BJP's insecurity about winning in Maharashtra allows Shiv Sena to throw around its weight; imperils alliance

BJP is being pushed to the brink in one constituency even before the first join campaign rally is held in Mumbai.

Mahesh Vijapurkar March 29, 2019 17:04:40 IST
BJP's insecurity about winning in Maharashtra allows Shiv Sena to throw around its weight; imperils alliance
  • The BJP-Shiv Sena alliance is not out of the woods

  • the BJP worked itself into a sense of insecurity

  • BJP is being pushed to the brink in one constituency

Running a coalition government, either in the states or at the Centre is not easy. There are many an example of how they collapsed at the whim of a party. Over time, we are seeing how challenging it is for even larger nationwide parties to sew up alliances, especially when the smaller parties at the states try, and succeed, in calling the shots. In Maharashtra, where the Bharatiya Janata Party and the Shiv Sena have tied up with a 25-23 Lok Sabha seat-sharing arrangement, the alliance is not out of the woods yet. Chief Minister Devendra Fadnavis — the key point man for the BJP in the state — has now been forced to officially ask his cadre to help the ally Shiv Sena wherever BJP is not contesting.

BJPs insecurity about winning in Maharashtra allows Shiv Sena to throw around its weight imperils alliance

File image of BJP chief Amit Shah. Twitter/@AmitShah

The directive is more towards ensuring that the Shiv Sena softens up sufficiently to allow the BJP to field Kirit Somaiya from a Mumbai seat. The Sena is not only averse, but has set its face against his candidature because it nurses a grievance: Somaiya has been a battering ram against the Sena, especially in its handling of the Mumbai civic body. One does not yet know what the final choice of the BJP would be for the Mumbai North East seat, but it has been warned explicitly enough that the Sena would not countenance such a nomination. There are sufficient indications that the Sena may encourage a rebel from within its party should Kirit Somaiya be put on the ballot. BJP apparently sees a real risk if, somehow, Sena’s concurrence was obtained.

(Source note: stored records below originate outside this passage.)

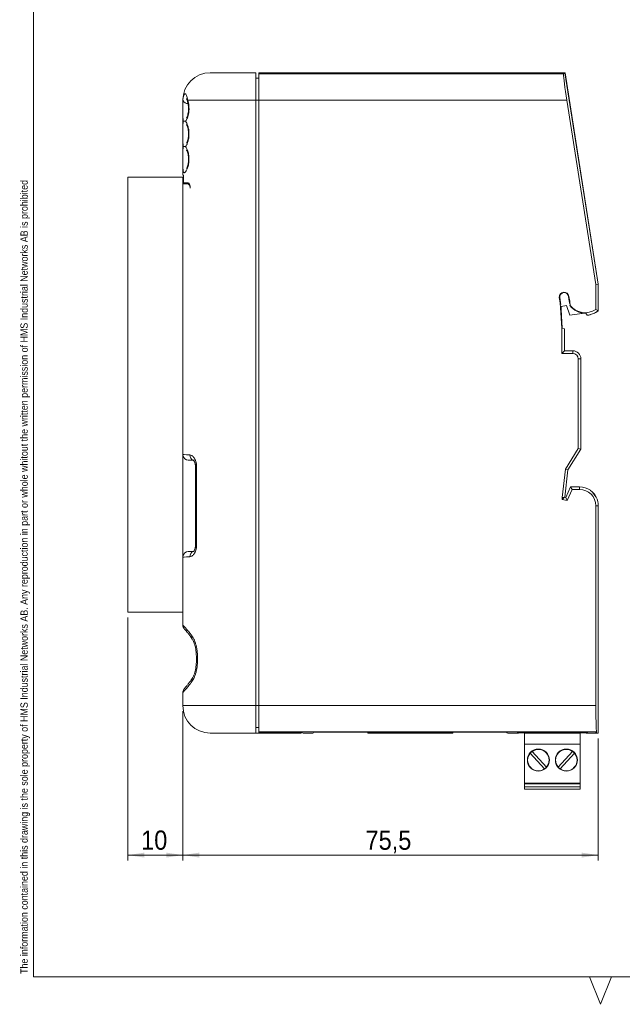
# Model space of a CAD drawing. Header units: millimetres. Extents: x 18 to 412, y 5 to 292.
# Tile 1 of 4: x 18 to 127, y 5 to 184. Entities that reach past the tile are written whole.
import ezdxf

# ---------------------------------------------------------------- set-up
doc = ezdxf.new("R2010")
doc.units = ezdxf.units.MM
doc.linetypes.add('SLD-Solid', pattern=[0])
doc.styles.add('SLDTEXTSTYLE0', font='GOTHIC.TTF', dxfattribs={"width": 0.913})
doc.dimstyles.new('SLDDIMSTYLE0', dxfattribs={"dimtxt": 3.5, "dimasz": 3, "dimexe": 0, "dimexo": 0.0625, "dimgap": 0.875, "dimtad": 1, "dimtoh": 1, "dimdec": 1, "dimrnd": 1e-09, "dimzin": 12, "dimdsep": 46, "dimtxsty": 'SLDTEXTSTYLE0', "dimsah": 1, "dimcen": 0.09, "dimadec": 0, "dimazin": 0, "dimtfac": 1, "dimtdec": 1, "dimtofl": 0, "dimtmove": 0, "dimatfit": 3, "dimfxl": 0, "dimtolj": 1, "dimtzin": 12, "dimarcsym": 0})

# ---------------------------------------------------------------- blocks, each defined once
blk = doc.blocks.new('*D9')
at = {"color": 1, "linetype": 'SLD-Solid', "lineweight": 0}
for p, q in [((47.14, 58.27), (47.14, 31.11)), ((122.6, 53.27), (122.6, 31.11)), ((122.6, 32.11), (47.14, 32.11))]:
    blk.add_line(p, q, dxfattribs=at)
for points in [[(47.14, 32.11), (50.14, 31.66), (50.14, 32.56)], [(122.6, 32.11), (119.6, 32.56), (119.6, 31.66)]]:
    blk.add_solid(points, dxfattribs=at)
at = {"color": 1, "linetype": 'SLD-Solid', "lineweight": 0, "insert": (80.34, 36.58), "char_height": 3.5, "attachment_point": 1, "style": 'SLDTEXTSTYLE0'}
blk.add_mtext('75,5', dxfattribs=at)
blk = doc.blocks.new('*D10')
at = {"color": 1, "linetype": 'SLD-Solid', "lineweight": 0}
for p, q in [((37.17, 75.27), (37.17, 31.11)), ((47.14, 58.27), (47.14, 31.11)), ((47.14, 32.11), (37.17, 32.11))]:
    blk.add_line(p, q, dxfattribs=at)
for points in [[(37.17, 32.11), (40.17, 31.66), (40.17, 32.56)], [(47.14, 32.11), (44.14, 32.56), (44.14, 31.66)]]:
    blk.add_solid(points, dxfattribs=at)
at = {"color": 1, "linetype": 'SLD-Solid', "lineweight": 0, "insert": (39.57, 36.58), "char_height": 3.5, "attachment_point": 1, "style": 'SLDTEXTSTYLE0'}
blk.add_mtext('10', dxfattribs=at)

msp = doc.modelspace()

# ---------------------------------------------------------------- linework, layer by layer
at = {"color": 7, "linetype": 'SLD-Solid', "lineweight": 0}
for p, q in [((20, 287), (20, 10)), ((20, 10), (410, 10)), ((121, 10), (123, 5)), ((123, 5), (125, 10))]:
    msp.add_line(p, q, dxfattribs=at)
at = {"color": 7, "linetype": 'SLD-Solid', "lineweight": 15}
for p, q in [((52.14, 174.27), (60.39, 174.27)), ((60.92, 174.27), (116.55, 174.27)), ((60.92, 174.27), (60.92, 174.04)), ((60.92, 174.04), (116.28, 174.04)), ((60.92, 169.27), (60.92, 174.04)), ((116.28, 174.04), (116.55, 174.27)), ((116.55, 174.27), (122.6, 135.83)), ((116.58, 174.27), (116.55, 174.27)), ((122.62, 135.83), (116.58, 174.27)), ((60.92, 173.27), (60.39, 173.27)), ((47.14, 169.27), (47.14, 155.7)), ((60.39, 169.27), (48.03, 169.27)), ((60.39, 169.27), (60.39, 59.27)), ((60.92, 59.27), (60.92, 169.27)), ((60.92, 169.27), (116.91, 169.27)), ((116.91, 169.27), (122.17, 135.8)), ((47.14, 155.7), (47.29, 155.57)), ((37.17, 76.27), (37.17, 155.27)), ((37.17, 155.27), (47.17, 155.27)), ((47.17, 76.27), (47.17, 155.27)), ((47.17, 154.08), (48.07, 154.08)), ((47.29, 155.57), (47.29, 154.27)), ((48.06, 154.27), (47.29, 154.27)), ((48.07, 154.08), (48.3, 154.08)), ((122.17, 135.8), (122.6, 135.83)), ((122.17, 131.24), (122.17, 135.8)), ((122.6, 135.83), (122.6, 131.02)), ((122.62, 131.01), (122.62, 135.83)), ((115.7, 132.47), (115.53, 133.45)), ((115.6, 133.46), (115.77, 132.48)), ((115.7, 132.47), (115.77, 132.48)), ((115.99, 127.86), (115.7, 132.47)), ((115.79, 132.14), (115.77, 132.48)), ((117.35, 132.73), (117.2, 133.61)), ((117.27, 133.62), (117.42, 132.74)), ((117.44, 132.63), (117.37, 132.62)), ((117.37, 132.62), (117.4, 132.31)), ((117.44, 132.63), (117.51, 131.97)), ((115.85, 131.81), (116.83, 131.98)), ((115.85, 131.23), (115.85, 131.81)), ((116.06, 127.87), (115.85, 131.24)), ((116.83, 131.98), (117.46, 130.21)), ((117.51, 131.97), (117.45, 131.94)), ((117.46, 130.21), (120.08, 130.59)), ((121.17, 130.3), (121.17, 130.34)), ((116.07, 127.87), (115.99, 127.86)), ((115.99, 123.27), (115.99, 127.86)), ((116.06, 127.87), (116.07, 127.87)), ((116.46, 127.71), (116.07, 127.87)), ((116.46, 127.71), (116.46, 123.74)), ((115.99, 123.27), (116.46, 123.74)), ((117.98, 123.74), (116.46, 123.74)), ((117.98, 123.27), (117.98, 123.74)), ((117.98, 123.27), (115.99, 123.27)), ((118.98, 106), (118.98, 122.27)), ((119.46, 122.27), (118.98, 122.27)), ((119.46, 105.86), (119.46, 122.27)), ((116.64, 102.26), (118.98, 106)), ((117.09, 102.1), (119.46, 105.86)), ((118.98, 106), (119.46, 105.86)), ((49.43, 102.8), (49.43, 88.34)), ((49.46, 102.8), (49.46, 88.35)), ((49.65, 102.8), (49.65, 88.35)), ((116.05, 97.08), (116.64, 102.26)), ((116.53, 97.13), (117.09, 102.1)), ((116.64, 102.26), (117.09, 102.1)), ((117.58, 99.03), (116.7, 97.1)), ((117.88, 98.56), (116.98, 96.57)), ((117.58, 99.03), (117.88, 98.56)), ((117.58, 99.03), (119.19, 99.03)), ((119.19, 98.56), (117.88, 98.56)), ((116.05, 96.74), (116.05, 97.08)), ((116.05, 97.08), (116.44, 97.06)), ((116.05, 96.74), (116.44, 97.06)), ((116.98, 96.57), (116.05, 96.74)), ((116.53, 97.13), (116.44, 97.06)), ((116.7, 97.1), (116.53, 97.13)), ((116.98, 96.57), (116.7, 97.1)), ((121.17, 98.38), (121.17, 98.39)), ((121.17, 98.38), (121.17, 98.34)), ((122.17, 59.27), (122.17, 95.57)), ((122.6, 95.57), (122.6, 54.27)), ((122.62, 54.27), (122.62, 95.57)), ((37.17, 76.27), (47.17, 76.27)), ((47.14, 76.27), (47.14, 73.9)), ((48.73, 71.54), (48.84, 71.37)), ((48.84, 64.2), (48.79, 64.13)), ((47.14, 61.68), (47.14, 59.27)), ((60.92, 59.27), (122.17, 59.27)), ((60.92, 54.5), (60.92, 59.27)), ((60.39, 54.27), (52.14, 54.27)), ((60.92, 55.27), (60.39, 55.27)), ((68.61, 54.27), (60.39, 54.27)), ((122.17, 54.5), (60.92, 54.5)), ((60.92, 54.5), (60.92, 54.41)), ((68.78, 54.41), (60.92, 54.41)), ((68.61, 54.41), (68.61, 54.27)), ((70.76, 54.27), (68.98, 54.27)), ((105.96, 54.48), (70.96, 54.48)), ((70.96, 54.47), (70.96, 54.48)), ((70.96, 54.47), (80.74, 54.47)), ((80.74, 54.48), (80.74, 54.32)), ((80.79, 54.27), (82.24, 54.27)), ((82.24, 54.32), (94.67, 54.32)), ((82.24, 54.32), (82.24, 54.27)), ((82.24, 54.27), (94.67, 54.27)), ((94.67, 54.27), (94.67, 54.32)), ((94.67, 54.27), (96.12, 54.27)), ((96.17, 54.32), (96.17, 54.48)), ((96.17, 54.47), (105.96, 54.47)), ((105.96, 54.48), (105.96, 54.47)), ((105.96, 54.48), (105.96, 54.47)), ((107.79, 54.27), (106.16, 54.27)), ((107.79, 54.27), (107.99, 54.27)), ((112.21, 54.33), (107.93, 54.33)), ((109.19, 54.27), (109.19, 54.33)), ((119.35, 54.27), (109.19, 54.27)), ((109.19, 54.27), (109.19, 52.27)), ((110.51, 54.27), (110.51, 54.33)), ((116.29, 54.39), (112.25, 54.39)), ((112.77, 54.27), (112.77, 54.39)), ((115.77, 54.27), (115.77, 54.39)), ((120.63, 54.33), (116.33, 54.33)), ((118.02, 54.27), (118.02, 54.33)), ((119.35, 54.33), (119.35, 54.27)), ((119.35, 54.27), (119.35, 52.27)), ((120.57, 54.27), (120.77, 54.27)), ((120.77, 54.27), (122.17, 54.27)), ((122.17, 54.5), (122.17, 54.27)), ((122.17, 54.27), (122.35, 54.27)), ((122.6, 54.27), (122.35, 54.27)), ((122.6, 54.27), (122.62, 54.27)), ((109.19, 52.27), (109.19, 45.16)), ((119.35, 52.27), (109.19, 52.27)), ((119.35, 45.16), (119.35, 52.27)), ((112.86, 47.79), (110.26, 50.65)), ((110.59, 50.95), (113.2, 48.09)), ((115.34, 48.09), (117.94, 50.95)), ((118.28, 50.65), (115.67, 47.79)), ((119.35, 45.16), (109.19, 45.16)), ((109.19, 45.16), (109.19, 45.06)), ((119.35, 45.06), (109.19, 45.06)), ((109.19, 45.06), (109.19, 44.51)), ((119.35, 45.16), (119.35, 45.06)), ((119.35, 45.06), (119.35, 44.51)), ((119.35, 44.51), (109.19, 44.51)), ((109.19, 44.51), (109.19, 44.11)), ((119.35, 44.11), (109.19, 44.11)), ((119.35, 44.51), (119.35, 44.11))]:
    msp.add_line(p, q, dxfattribs=at)
at = {"color": 8, "linetype": 'SLD-Solid', "lineweight": 15}
for p, q in [((47.16, 169.27), (47.14, 169.27)), ((60.92, 169.27), (60.39, 169.27)), ((49.65, 102.8), (49.46, 102.8)), ((49.65, 88.35), (49.46, 88.35)), ((47.14, 59.27), (60.39, 59.27)), ((60.92, 59.27), (60.39, 59.27)), ((80.74, 54.32), (82.24, 54.32)), ((82.24, 54.32), (82.24, 54.48)), ((94.67, 54.32), (94.67, 54.48)), ((94.67, 54.32), (96.17, 54.32))]:
    msp.add_line(p, q, dxfattribs=at)
at = {"color": 7, "linetype": 'SLD-Solid', "lineweight": 15, "flags": 128}
for points in [[(115.53, 133.45), (115.58, 133.46), (115.6, 133.46)], [(117.27, 133.62), (117.21, 133.61), (117.2, 133.61)], [(117.42, 132.74), (117.36, 132.73), (117.35, 132.73)], [(47.17, 104.87), (47.38, 104.87), (47.8, 104.85), (48.41, 104.83)], [(49.03, 103.84), (48.71, 103.85), (48.33, 103.87), (48.13, 103.87), (48.11, 103.88)], [(119.19, 99.03), (119.19, 98.79), (119.19, 98.56)], [(122.6, 95.57), (122.37, 95.57), (122.17, 95.57)], [(48.41, 86.31), (47.8, 86.29), (47.38, 86.27), (47.17, 86.27)], [(48.11, 87.27), (48.13, 87.27), (48.33, 87.27), (48.71, 87.29), (49.28, 87.31)], [(105.96, 54.47), (105.96, 54.43), (105.97, 54.4)]]:
    msp.add_lwpolyline(points, dxfattribs=at)
at = {"color": 7, "linetype": 'SLD-Solid', "lineweight": 15}
for centre in [(111.73, 49.37), (116.81, 49.37)]:
    msp.add_circle(centre, 2, dxfattribs=at)
for centre, radius, start, end in [((52.14, 169.27), 5, 90, 180), ((48.03, 169.57), 0.927, 198.8914, 277.5294), ((116.4, 133.52), 0.874, 6.2502, 184.5792), ((116.4, 133.52), 0.804, 6.0908, 184.3486), ((116.57, 132.54), 0.804, 6.2502, 13.9092), ((116.57, 132.54), 0.874, 6.2502, 13.7498), ((120.24, 134.16), 3.57, 218.3917, 271.3056), ((120.24, 134.16), 3.5, 218.7196, 303.4118), ((120.24, 134.16), 3.93, 283.6555, 306.8407), ((120.24, 134.16), 3.95, 283.5849, 306.9864), ((120.24, 134.16), 3.97, 274.7069, 283.5026), ((117.98, 122.27), 1.47, 360, 90), ((117.98, 122.27), 1, 360, 90), ((48.14, 104.87), 1, 194.0994, 268), ((119.17, 95.56), 3.47, 54.8219, 89.7266), ((119.17, 95.56), 3, 0.2876, 89.7059), ((119.17, 95.57), 3.45, 0, 54.5441), ((119.17, 95.56), 3.43, 0.269, 54.3059), ((48.14, 86.27), 1, 92, 165.9168), ((52.14, 59.27), 5, 180, 270), ((68.98, 54.47), 0.2, 196.9682, 270), ((70.76, 54.47), 0.2, 270, 348.3929), ((70.76, 54.47), 0.2, 348.3929, 0), ((80.79, 54.32), 0.05, 180, 270), ((96.12, 54.32), 0.05, 270, 0), ((106.16, 54.47), 0.2, 180, 191.6071), ((106.16, 54.47), 0.2, 191.6071, 270), ((107.79, 54.47), 0.2, 270, 314.1834), ((107.99, 54.47), 0.2, 270, 314.1834), ((112.07, 54.47), 0.2, 314.1834, 336.2546), ((116.47, 54.47), 0.2, 203.7454, 225.8166), ((120.57, 54.47), 0.2, 225.8166, 270), ((120.77, 54.47), 0.2, 225.8166, 270), ((111.73, 49.37), 1.95, 138.9219, 305.6703), ((111.73, 49.37), 1.95, 125.6703, 138.9219), ((111.73, 49.37), 1.95, 318.9219, 125.6703), ((116.81, 49.37), 1.95, 54.3297, 221.0781), ((116.81, 49.37), 1.95, 234.3297, 41.0781), ((116.81, 49.37), 1.95, 41.0781, 54.3297), ((111.73, 49.37), 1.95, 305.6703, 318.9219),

To massage the Sena into agreeing, the BJP even loaned a candidate of its own to the Sena for the Palghar seat which it was assigned to it, but had no candidate who could get past the post in polling. Yet, the matter has not been resolved to the liking of the BJP. Frankly, it is not the business of the Sena to pressurise an ally about its choice. A national party is being held hostage by a regional party.

This is an unusual situation. In coalition governments, the choice of who the minister should be is of the partner, not of the coalition. Sena withdrew Suresh Prabhu from the Union Cabinet for undisclosed reasons and the prime minister of the time, Atal Bihari Vajpayee had no choice. When Chhagan Bhujbal, deputy chief minister in the Sushilkumar Shinde cabinet had been asked to resign by the NCP, Shinde had to wait for the NCP’s nominee — whoever it was — to fill the vacancy.

Likewise, once the seats are allocated after discussions, one party asks for a change on the perceptions it has about its electability and after assessing which party stood a better chance, it is agreed to. Even this is rare because seats are distributed after assessing each party’s worth in the constituency.

Such marrying of a seat to a party, and then to a candidate, is not by lottery or done randomly. It is an interesting mental algorithm that political parties have because a list of hopefuls with best chances is on the shelf. A constant feel of the constituency and the dynamics of cast, class, issues, resources, go into working it out.

In Mumbai North East, the Sena has thrown this practice to the wind because it is extremely sensitive to the likely presence of Somaiya in the political arena. It has to be said, however, that Kirit Somaiya — a plain-speaking man with a smile amid his perceived abrasive attitude — is not likely to eat the humble pie, now or later. Expect him to hound the Sena.

Should he be benched at the whim and will of the Shiv Sena, it is because the BJP worked itself into a sense of insecurity about winning sufficient seats from Maharashtra and Amit Shah visited Uddhav Thackeray. Who comes calling for what is how the Sena’s top brass calculates its self-worth. Now, BJP is being pushed to the brink in one constituency even before the first join campaign rally is held in Mumbai.